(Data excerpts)
===

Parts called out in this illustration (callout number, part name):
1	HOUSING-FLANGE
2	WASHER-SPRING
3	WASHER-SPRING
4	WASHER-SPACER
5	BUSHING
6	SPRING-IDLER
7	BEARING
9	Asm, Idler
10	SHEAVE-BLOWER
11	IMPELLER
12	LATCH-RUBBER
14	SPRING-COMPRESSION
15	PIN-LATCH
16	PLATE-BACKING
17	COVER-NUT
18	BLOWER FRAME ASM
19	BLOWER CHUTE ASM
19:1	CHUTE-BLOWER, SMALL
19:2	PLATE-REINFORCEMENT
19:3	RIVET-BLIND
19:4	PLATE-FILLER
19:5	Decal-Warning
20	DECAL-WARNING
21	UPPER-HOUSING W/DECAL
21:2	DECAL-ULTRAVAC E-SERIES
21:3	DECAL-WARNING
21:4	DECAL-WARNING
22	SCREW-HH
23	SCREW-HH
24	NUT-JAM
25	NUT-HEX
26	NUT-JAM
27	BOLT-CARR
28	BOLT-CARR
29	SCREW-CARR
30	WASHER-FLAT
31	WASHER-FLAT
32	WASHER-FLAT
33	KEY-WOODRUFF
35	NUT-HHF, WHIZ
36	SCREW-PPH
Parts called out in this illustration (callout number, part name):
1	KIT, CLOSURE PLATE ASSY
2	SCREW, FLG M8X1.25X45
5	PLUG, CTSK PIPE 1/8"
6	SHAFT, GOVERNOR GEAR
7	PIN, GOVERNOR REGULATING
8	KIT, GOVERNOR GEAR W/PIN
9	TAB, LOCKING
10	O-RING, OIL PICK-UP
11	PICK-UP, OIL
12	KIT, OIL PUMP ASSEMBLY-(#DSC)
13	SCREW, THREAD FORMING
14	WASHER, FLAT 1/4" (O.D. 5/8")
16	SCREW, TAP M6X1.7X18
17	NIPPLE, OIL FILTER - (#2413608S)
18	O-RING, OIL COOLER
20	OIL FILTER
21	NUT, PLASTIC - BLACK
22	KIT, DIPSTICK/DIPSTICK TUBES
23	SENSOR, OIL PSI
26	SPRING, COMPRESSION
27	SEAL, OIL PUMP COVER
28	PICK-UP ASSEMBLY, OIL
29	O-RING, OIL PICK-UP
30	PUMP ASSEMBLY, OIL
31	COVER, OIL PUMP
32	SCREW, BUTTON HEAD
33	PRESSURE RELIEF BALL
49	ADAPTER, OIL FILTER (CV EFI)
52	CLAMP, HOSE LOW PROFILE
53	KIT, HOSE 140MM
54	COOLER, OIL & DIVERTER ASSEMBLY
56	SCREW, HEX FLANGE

===

Return each entry without altering a single word.

| Result of this exercise |
Parts called out in this illustration (callout number, part name):
1	HOUSING-FLANGE
2	WASHER-SPRING
3	WASHER-SPRING
4	WASHER-SPACER
5	BUSHING
6	SPRING-IDLER
7	BEARING
9	Asm, Idler
10	SHEAVE-BLOWER
11	IMPELLER
12	LATCH-RUBBER
14	SPRING-COMPRESSION
15	PIN-LATCH
16	PLATE-BACKING
17	COVER-NUT
18	BLOWER FRAME ASM
19	BLOWER CHUTE ASM
19:1	CHUTE-BLOWER, SMALL
19:2	PLATE-REINFORCEMENT
19:3	RIVET-BLIND
19:4	PLATE-FILLER
19:5	Decal-Warning
20	DECAL-WARNING
21	UPPER-HOUSING W/DECAL
21:2	DECAL-ULTRAVAC E-SERIES
21:3	DECAL-WARNING
21:4	DECAL-WARNING
22	SCREW-HH
23	SCREW-HH
24	NUT-JAM
25	NUT-HEX
26	NUT-JAM
27	BOLT-CARR
28	BOLT-CARR
29	SCREW-CARR
30	WASHER-FLAT
31	WASHER-FLAT
32	WASHER-FLAT
33	KEY-WOODRUFF
35	NUT-HHF, WHIZ
36	SCREW-PPH
Parts called out in this illustration (callout number, part name):
1	KIT, CLOSURE PLATE ASSY
2	SCREW, FLG M8X1.25X45
5	PLUG, CTSK PIPE 1/8"
6	SHAFT, GOVERNOR GEAR
7	PIN, GOVERNOR REGULATING
8	KIT, GOVERNOR GEAR W/PIN
9	TAB, LOCKING
10	O-RING, OIL PICK-UP
11	PICK-UP, OIL
12	KIT, OIL PUMP ASSEMBLY-(#DSC)
13	SCREW, THREAD FORMING
14	WASHER, FLAT 1/4" (O.D. 5/8")
16	SCREW, TAP M6X1.7X18
17	NIPPLE, OIL FILTER - (#2413608S)
18	O-RING, OIL COOLER
20	OIL FILTER
21	NUT, PLASTIC - BLACK
22	KIT, DIPSTICK/DIPSTICK TUBES
23	SENSOR, OIL PSI
26	SPRING, COMPRESSION
27	SEAL, OIL PUMP COVER
28	PICK-UP ASSEMBLY, OIL
29	O-RING, OIL PICK-UP
30	PUMP ASSEMBLY, OIL
31	COVER, OIL PUMP
32	SCREW, BUTTON HEAD
33	PRESSURE RELIEF BALL
49	ADAPTER, OIL FILTER (CV EFI)
52	CLAMP, HOSE LOW PROFILE
53	KIT, HOSE 140MM
54	COOLER, OIL & DIVERTER ASSEMBLY
56	SCREW, HEX FLANGE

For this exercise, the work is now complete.